TheRattlesnake schrieb:


> Aber das ist doch kein wirklicher Wert.
> Die originale Mona Lisa gibts z.b. nur einmal. Als ich gestern nach NFTs gegoogelt hatte bin ich auf einen Artikel gestoßen in dem Stand dass irgendwelche Typen ein Banksy Gemälde digitalisiert und dann verbrannt haben. Somit gibt es das Gemälde jetzt nur noch digital. Aber das sind nur Daten. Die kann man doch so oft kopieren wie man will. Wo ist da der Wert?

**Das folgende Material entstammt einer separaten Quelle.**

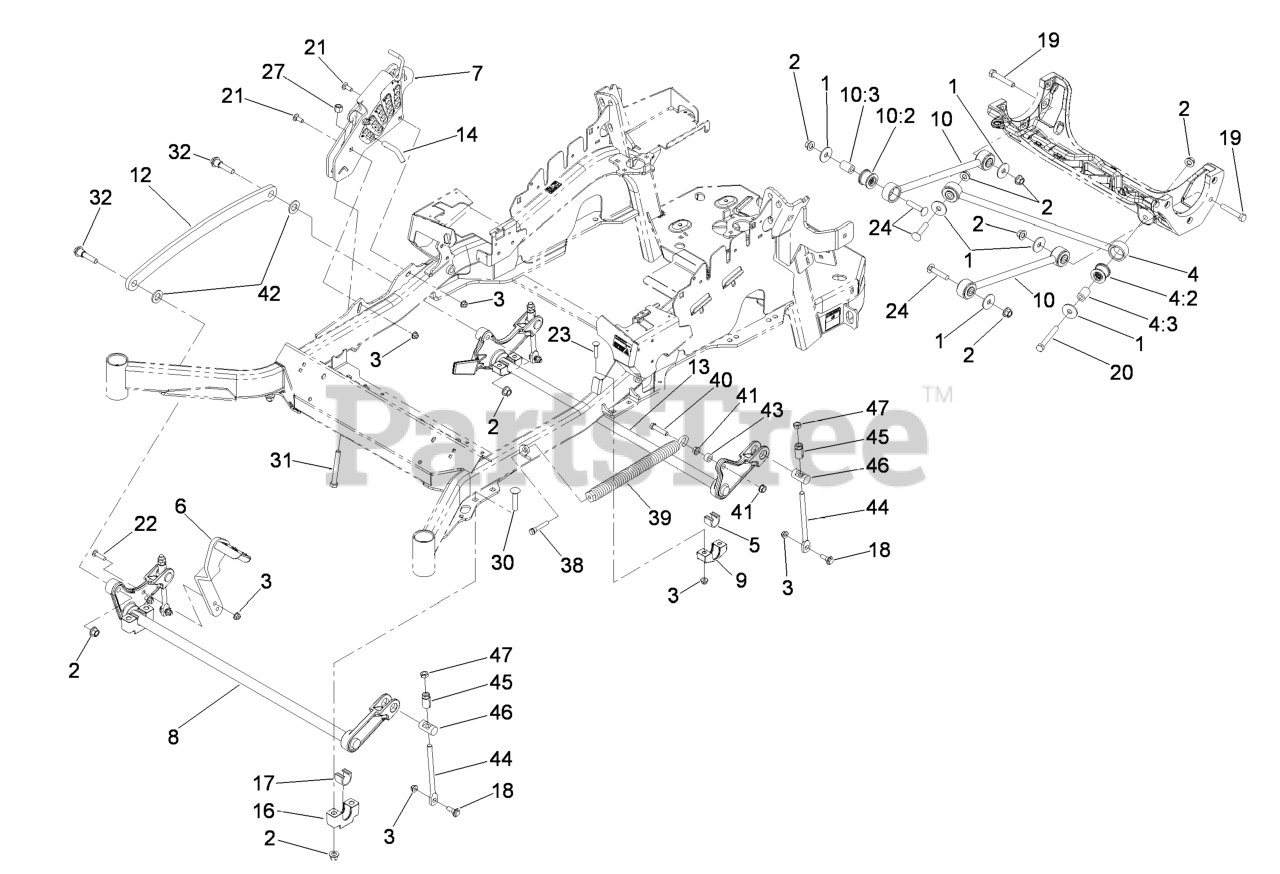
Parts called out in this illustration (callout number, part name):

Du kannst auch die Mona Lisa exakt nachmalen lassen und trotzdem hat die Kopie nicht den gleichen Wert. Genau so ist es mit der einzigarten digitalen Signatur in der Blockchain, diesen digitalen Gegenstand gibt es in der Form nur einmal.


----------



## Toni (30. Oktober 2021)

TheRattlesnake schrieb:


> OK. Ready Player One kenne ich auch nur vom Namen her. Aber egal.
> 
> 
> Musste auch grade erstmal googeln was NFTs sind. Und nun denke ich mir was für ein Schwachsinn. Sammelt man in Zukunft keine realen Dinge mehr sondern nur noch Daten.
> Entweder ich verstehe das Konzept nicht oder ich bin zu alt für den scheiß.

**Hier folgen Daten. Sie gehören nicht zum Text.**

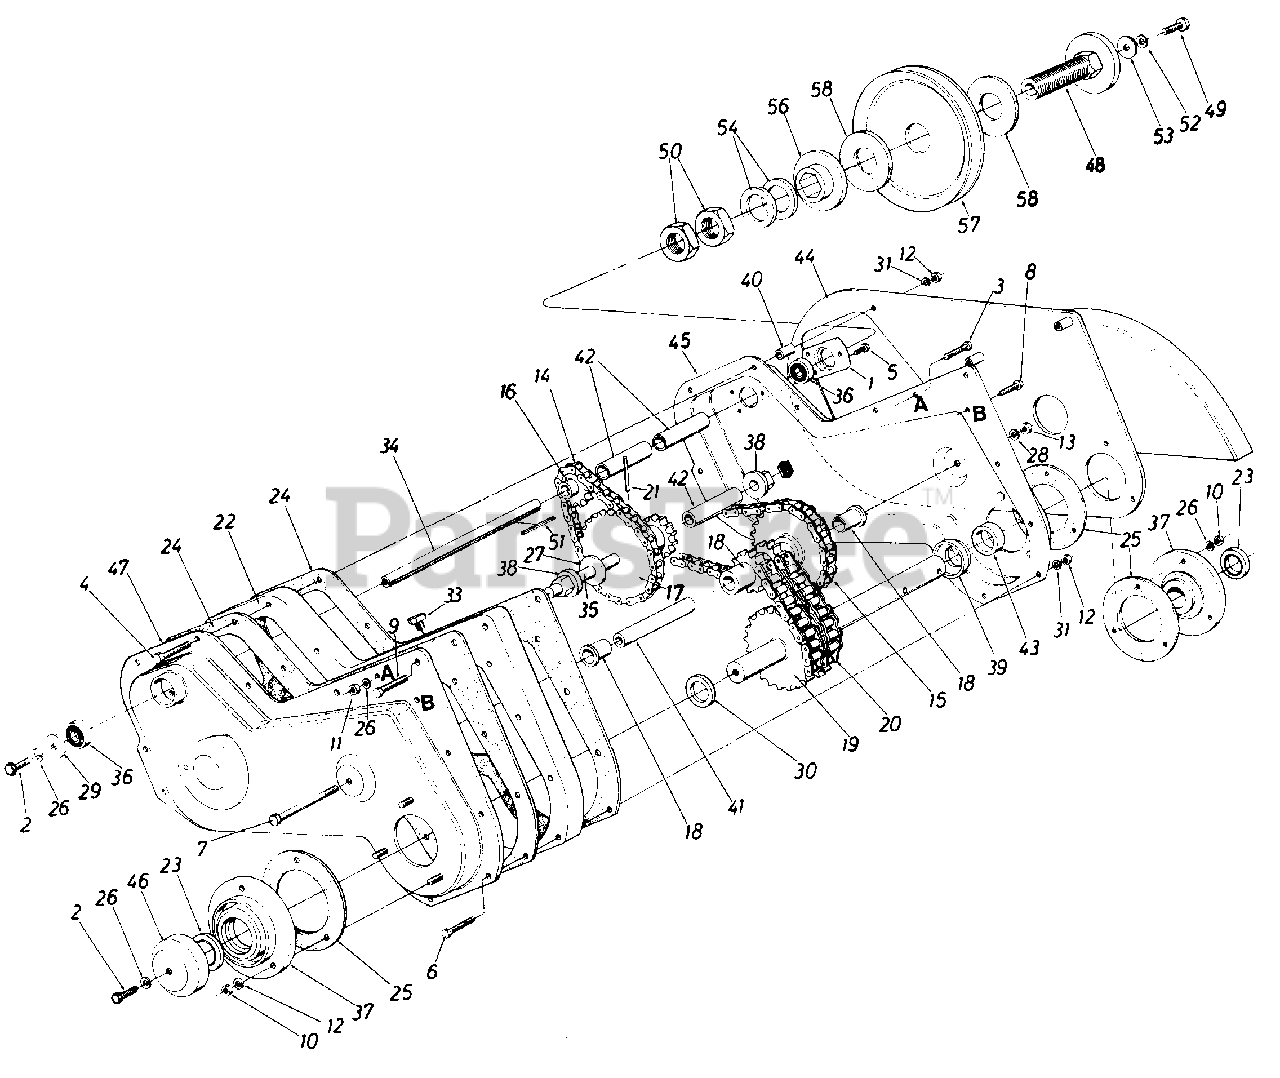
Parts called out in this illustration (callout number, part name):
1	Bearing Housing 1-3/8" Dia.
2	Hex Bolt 5/16-18 x .88" Lg. Spec.
3	Hex Bolt 5/16-18 x 1.50" Lg.*
4	Hex Bolt 1/4-20 x 2.75" Lg.*
5	Hex Wash. S-Tap. Scr. 1/4-20 x .50" Lg.
6	Hex Bolt i/4-20 x 1.50" Lg.*
7	Hex Bolt 3/8-16 x 4.5" Lg.
8	Hex Wash. Hd. Bolt 1/4-20 x 1.5" Lg.
9	Hex Wash. TT Tap Scr. 5/16-18 x 1.75" Lg.
10	HexCent. L.-Nut 5/16-18 Thd.
11	Hex Nut5/16-18 Thd.*
12	Hex Nut 1/4-2 Thd.*
13	Hex Nut 3/8-16 Thd.*
14	#41 Chain 1/2" Pitch x 34 Links- Endless
15	#42 Chain 1/2" Pitch x 48 Links- Endless
16	Sprocket 10 Tooth .500" Pitch
17	10 & 28 Teeth Sprocket Ass'y.
18	8-2 & 28 Sprocket Sleeve Ass'y.
19	18-2 Sprocket Shaft Ass'y.
20	#50-2 Chain 5/8" Pitch x 28 Links- Endless
21	Spring Pin Spir. 1/4" Dia. x 1.50" Lg.
22	Spacer Block - Tiller Housing
23	Oil Seal Double Lip-1-1/4" Dia.
24	Gasket for Tiller Housing
25	Gasket for Brg.-Housing
26	L.-Wash. 5/16" I.D.*
27	Fl.-Wash. .640" I.D. x 1.24" O.D.
28	L.-Wash. 3/8" I.D. Heavy Duty
29	Fl.-Wash. .344" I.D. x.1.125"
30	Special Washer
31	L.-Wash. 1/4" I.D.*
33	Vent Plug
34	Jack Shaft .525" I.D. x 7.78 " Lg.
35	Sprocket Shaft .63" D ia. x 5.0" Lg.
36	Ball Brg. .62" I.D. x 1.38" O.D.
37	Bearing Housing - 1-1/4"
38	Hex Flange Brg.
39	Spacer 1.25" I.D. x 2.0" O.D.
40	Spacer.28" I.D. x .62" O.D. x .90" Lg.
41	Spacer .38" I.D. x .62" O.D. x 3.44" Lg.
42	Spacer .62" I.D. x.88" O.D. x 1.56" Lg.
43	Spacer 1.25" I.D. x 1.62" O.D. x.50" Lg.
46	Dust Cap .320" Dia. Hole
49	Hex Bolt 5/16-18 x 1.25" Lg. Grade 5
50	Hex Jam Nut 1.0-14 x 28 Thd.
51	Sq. Key 3/16 x 1.50" Lg.
52	L.-Wash. 5/16" I.D.*
53	Fl.-Wash. .344" I.D. x 1.125"O.D.
54	Spring Bell Wash. 1.0" I.D. x 2.0" O.D.
56	F loating Disc 3-1/4" O. D. x 1.0" I.D.
57	5/8 V-Pulley 1.50" I.D. x 6.50"
58	Friction Pad 3-1/4" O.D. x 1-3/8" I.D.

Von den Firmen, die ein Verkaufsinteresse an NFTs haben, wird oft der Vergleich zu Ingame-Skins gezogen. Dann gäbe es einen Skin eben nicht beliebig oft, sondern nur... 5000 Mal. Und wenn er ausverkauft ist, bekommst du ihn nur noch, wenn ihn jemand verkauft. Das digitale Äquivalent zu einer CE quasi.



fud1974 schrieb:


> Für Fotografen und digitale Künslter, die schon lange drunter leiden dass ihre Bilder einfach kopiert und ohne Gegenleistung einfach auf Seiten durchaus großer Webportale genutzt werden und dann mit Mühe und Aufwand diesen Missbrauch ihrer kreativen Leistung bekämpfen bzw. die Leistung einklagen müssen wäre das z.B. buchstäblich Geld wert, wenn sie ihre Fotos bzw. Grafiken als NFTs rausbringen.


Zudem gibt es auch Royalties, also eine Art Rückverfolgung zum originalen Creator. Das heißt, immer wenn der Gegenstand weiter verkauft wird, bekommt der Künstler einen sehr geringen Anteil. Das soll dann dafür sorgen, dass wenn Preise plötzlich durch die Decke gehen, der Urheber auch davon profitiert (Finde ich erstmal ganz cool), aber lässt sich in der Gamingindustrie dann auch dazu nutzen, dass der Entwickler eben auch immer etwas bekommt (wobei das auch nicht unbedingt negativ sein muss, ist ja bei Ebay und Amazon das gleiche).


----------



## Schalkmund (30. Oktober 2021)

Worrel schrieb:


> Toll, dann hast du jetzt keine RealLife Rolex, sondern eine ingame Rolex.
> 
> Und genauso wie bei der RealLife Rolex ist meine Meinung dazu: Und? Seit die Zeit über Funk/Internet automatisch aktualisiert wird, zeigt eine Billig Uhr genauso die richtige Zeit an.
> 
> ...


Es ja geht nicht darum, wie toll für dich oder mich eine echte oder digitale Rolex ist, sondern schlicht um die Verschiebung von Werten ins Digitale. Künftig werden halt immer mehr Dinge im in der digitalen Welt einen hohen "Wert" haben.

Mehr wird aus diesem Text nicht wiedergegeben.